Great to read all the updates, keep them coming. I've got 2 new babies (didn't breed them) and it's so great seeing them grow, discover new things and learn something new every day. Mine saw rain this morning for the 1st time whilst they were looking through the patio door, their little faces were a picture.

It's so amazing how fast they grow, that last picture is so gorgeous.


----------



## Marmitepepsi

So, no accidents for 2 days now!!!! They're all using the litter trays brilliantly!
They're loving eating food, I'm looking forward to being home today & tomorrow to just keep an exact close eye on who's eating what etc!

They've fled the nesting box now so it's gone! They're loving the cat beds that I have, the cat basket & wait for it, their fave is the top of my mini pull along suitcase! So I've now put a towel & cover on top of that! They're all jumping well & im awaiting the 'climbing the curtains day' which I think is fast approaching! Our new scratch post/cat tree arrived yesterday & it'll be interesting to see them using that! They're so lovely! We cannot choose which one to keep! Also number 6 has been officially 'reserved'...to which I got tearful! We're all going to be a nightmare when they go off to new homes, all 4 of us will be in tears! I hope the new owners update us with how they're doing! I'm going to send email pics to the lady that's having number 6, he's so lovely & such a soft temperament...

Will post some pics later!
They're all wormed & it wasn't as bad as I expected it to be! No worms are present in their poo so hopefully means they never had them!

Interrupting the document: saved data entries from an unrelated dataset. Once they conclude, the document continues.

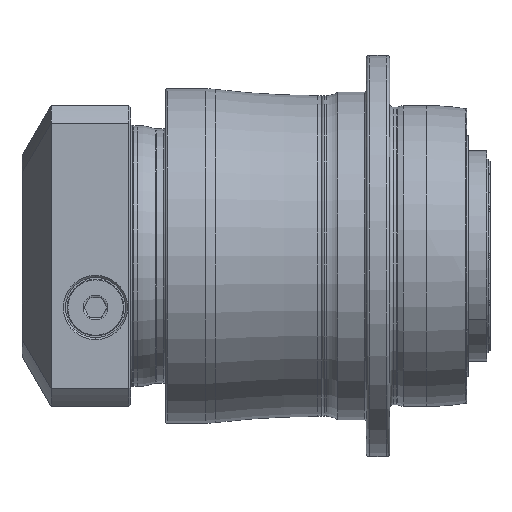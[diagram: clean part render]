
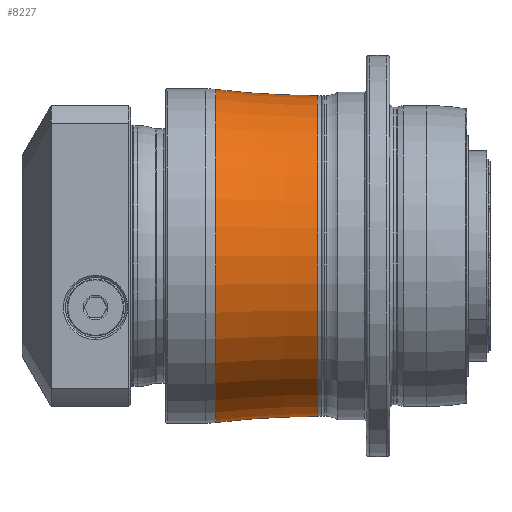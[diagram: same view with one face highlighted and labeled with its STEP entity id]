
A CAD part, top view. The second image highlights one B-rep face of the part: STEP entity #8227.
In plain terms, the highlighted toroidal (fillet/blend) face has major radius 305 mm and minor radius 257 mm.
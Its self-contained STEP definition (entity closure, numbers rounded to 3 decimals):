
#7083=CARTESIAN_POINT('',(-55.5,305.,0.));
#7084=DIRECTION('',(0.,0.,1.));
#7085=DIRECTION('',(0.,-1.,0.));
#7086=AXIS2_PLACEMENT_3D('',#7083,#7084,#7085);
#7093=CARTESIAN_POINT('',(-55.5,-305.,0.));
#7094=DIRECTION('',(0.,0.,-1.));
#7095=DIRECTION('',(0.,1.,0.));
#7096=AXIS2_PLACEMENT_3D('',#7093,#7094,#7095);
#7146=CARTESIAN_POINT('',(-24.946,0.,0.));
#7147=DIRECTION('',(1.,0.,0.));
#7148=DIRECTION('',(0.,1.,0.));
#7149=AXIS2_PLACEMENT_3D('',#7146,#7147,#7148);
#7151=CARTESIAN_POINT('',(-55.5,0.,0.));
#7152=DIRECTION('',(1.,0.,0.));
#7153=DIRECTION('',(0.,1.,0.));
#7154=AXIS2_PLACEMENT_3D('',#7151,#7152,#7153);
#7546=CARTESIAN_POINT('',(-55.5,48.,0.));
#7547=VERTEX_POINT('',#7546);
#7548=CARTESIAN_POINT('',(-55.5,-48.,0.));
#7549=VERTEX_POINT('',#7548);
#7586=CARTESIAN_POINT('',(-24.946,49.823,0.));
#7587=CARTESIAN_POINT('',(-24.946,-49.823,0.));
#7588=VERTEX_POINT('',#7586);
#7589=VERTEX_POINT('',#7587);
#8216=CARTESIAN_POINT('',(-55.5,0.,0.));
#8217=DIRECTION('',(1.,0.,0.));
#8218=DIRECTION('',(0.,-1.,0.));
#8219=AXIS2_PLACEMENT_3D('',#8216,#8217,#8218);
#8220=TOROIDAL_SURFACE('',#8219,305.,257.);
#8221=ORIENTED_EDGE('',*,*,#8210,.T.);
#8222=ORIENTED_EDGE('',*,*,#8078,.F.);
#8223=ORIENTED_EDGE('',*,*,#8048,.F.);
#8224=ORIENTED_EDGE('',*,*,#8075,.T.);
#8225=EDGE_LOOP('',(#8221,#8222,#8223,#8224));
#8226=FACE_OUTER_BOUND('',#8225,.F.);
#8227=ADVANCED_FACE('',(#8226),#8220,.F.);
#7087=CIRCLE('',#7086,257.);
#7097=CIRCLE('',#7096,257.);
#7150=CIRCLE('',#7149,49.823);
#7155=CIRCLE('',#7154,48.);
#8048=EDGE_CURVE('',#7547,#7549,#7155,.T.);
#8075=EDGE_CURVE('',#7547,#7588,#7087,.T.);
#8078=EDGE_CURVE('',#7549,#7589,#7097,.T.);
#8210=EDGE_CURVE('',#7588,#7589,#7150,.T.);
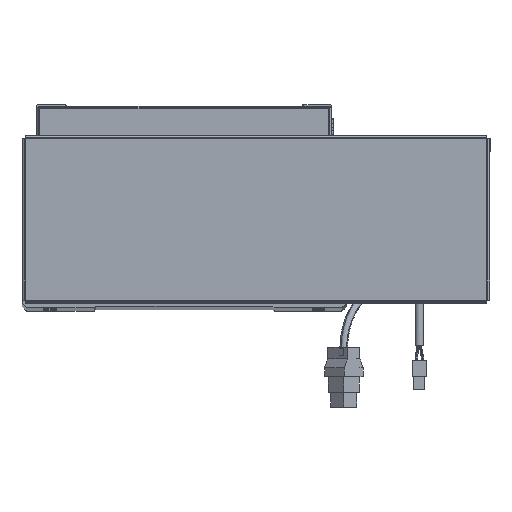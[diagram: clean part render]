
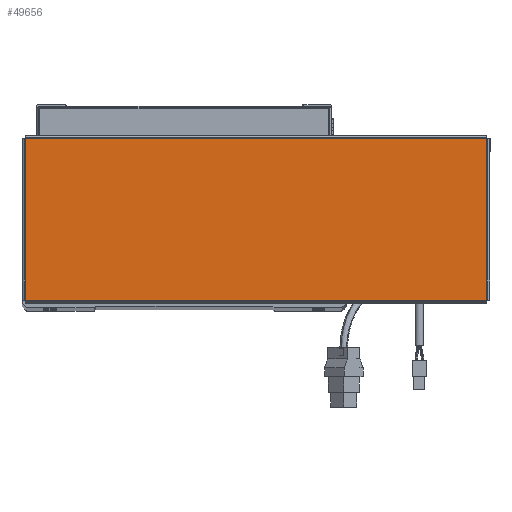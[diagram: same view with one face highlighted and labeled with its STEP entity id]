
A CAD part, top view. The second image highlights one B-rep face of the part: STEP entity #49656.
In plain terms, the highlighted planar face has unit normal (0, 0, 1).
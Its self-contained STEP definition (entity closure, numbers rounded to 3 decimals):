
#9 = CARTESIAN_POINT ( 'NONE',  ( -156.513, -54.763, 0. ) ) ;
#1373 = ORIENTED_EDGE ( 'NONE', *, *, #19703, .T. ) ;
#2608 = CARTESIAN_POINT ( 'NONE',  ( 0., 0., 0. ) ) ;
#3810 = LINE ( 'NONE', #33042, #65643 ) ;
#4171 = CARTESIAN_POINT ( 'NONE',  ( -156.513, 54.793, 0. ) ) ;
#4590 = ORIENTED_EDGE ( 'NONE', *, *, #41447, .T. ) ;
#12132 = DIRECTION ( 'NONE',  ( -1., 0., 0. ) ) ;
#12498 = VERTEX_POINT ( 'NONE', #26500 ) ;
#14979 = VERTEX_POINT ( 'NONE', #9 ) ;
#15155 = VERTEX_POINT ( 'NONE', #28111 ) ;
#19703 = EDGE_CURVE ( 'NONE', #25529, #12498, #23451, .T. ) ;
#22499 = ORIENTED_EDGE ( 'NONE', *, *, #52614, .T. ) ;
#23039 = DIRECTION ( 'NONE',  ( 1., 0., 0. ) ) ;
#23451 = LINE ( 'NONE', #25044, #57686 ) ;
#24135 = DIRECTION ( 'NONE',  ( 0., -1., 0. ) ) ;
#25044 = CARTESIAN_POINT ( 'NONE',  ( 156.513, -54.793, 0. ) ) ;
#25529 = VERTEX_POINT ( 'NONE', #59255 ) ;
#26500 = CARTESIAN_POINT ( 'NONE',  ( 156.513, 54.763, 0. ) ) ;
#26592 = FACE_OUTER_BOUND ( 'NONE', #61827, .T. ) ;
#28111 = CARTESIAN_POINT ( 'NONE',  ( -156.513, 54.763, 0. ) ) ;
#28861 = LINE ( 'NONE', #4171, #59721 ) ;
#33042 = CARTESIAN_POINT ( 'NONE',  ( 156.543, 54.763, 0. ) ) ;
#40584 = ORIENTED_EDGE ( 'NONE', *, *, #43416, .T. ) ;
#40788 = DIRECTION ( 'NONE',  ( 1., 0., 0. ) ) ;
#41447 = EDGE_CURVE ( 'NONE', #15155, #14979, #28861, .T. ) ;
#41637 = VECTOR ( 'NONE', #40788, 1000. ) ;
#43416 = EDGE_CURVE ( 'NONE', #14979, #25529, #53846, .T. ) ;
#49656 = ADVANCED_FACE ( 'NONE', ( #26592 ), #64453, .T. ) ;
#52614 = EDGE_CURVE ( 'NONE', #12498, #15155, #3810, .T. ) ;
#53846 = LINE ( 'NONE', #61223, #41637 ) ;
#55831 = AXIS2_PLACEMENT_3D ( 'NONE', #2608, #59429, #23039 ) ;
#56899 = DIRECTION ( 'NONE',  ( 0., 1., 0. ) ) ;
#57686 = VECTOR ( 'NONE', #56899, 1000. ) ;
#59255 = CARTESIAN_POINT ( 'NONE',  ( 156.513, -54.763, 0. ) ) ;
#59429 = DIRECTION ( 'NONE',  ( 0., 0., 1. ) ) ;
#59721 = VECTOR ( 'NONE', #24135, 1000. ) ;
#61223 = CARTESIAN_POINT ( 'NONE',  ( -156.543, -54.763, 0. ) ) ;
#61827 = EDGE_LOOP ( 'NONE', ( #40584, #1373, #22499, #4590 ) ) ;
#64453 = PLANE ( 'NONE',  #55831 ) ;
#65643 = VECTOR ( 'NONE', #12132, 1000. ) ;

Love all these kitties! A pic of them all on my suitcase!


----------



## lymorelynn

Little darlings :Cat:Cat Glad to hear the litter training is going well and they are enjoying their food :Cat


----------



## moggie14

They are all so scrummy, bless them. Great to hear they are all doing so well :Happy


----------



## chillminx

They are all gorgeous wee poppets.  I can understand it will be hard to part with any of them. I was a hopeless foster carer (many years ago) because I couldn't bear to part with the kittens when the time came.


----------



## Michebe

I would never be able to part with them either, would love to snuggle them


----------



## Marmitepepsi

So, number 7 - aka Blacky, I haven't seen eat food! All the others now come rushing over at the sound of the food, but not blacky! 
She's happy in herself, playing well & using litter tray well. She's only 5 weeks today so I'm thinking not to be too worried at this stage!?!?! I'm going to go back to weighing her every day though to keep track (as have now been doing it about every 3/4days)...she's second from lowest weight (640g) but she looks well & is acting well.

Just seems a little odd that she's the only one out of the 7 that's not eating the food?!


----------



## lymorelynn

You sometimes get one that's a bit slower to catch on the others. At this stage I wouldn't be too worried so long is she doesn't start to lose weight. I've had one that wasn't interested until I left a raw chicken wing for mum


----------



## Marmitepepsi

...that pic really made me laugh!

A teeny little kitty with that in her mouth...


----------



## carly87

I find there's always a girl who's a bit awkward, and who refuses to eat when the others are really chowing down. Have you put some mushy, stinky food in her mouth with your fingers so she gets the taste for it?


----------



## Marmitepepsi

Ahhhh look at these cuties....


----------



## SusieRainbow

Oh, they are so sweet, as if butter wouldn't melt !


----------



## Marmitepepsi

He he...butter wouldn't melt...

Guess what time they had me up for the day today?!? 
4:30!!!!!!!!!!!!!!!!!!!!!!!!!!!!!!

Needless to say I may kitten proof downstairs next week! ...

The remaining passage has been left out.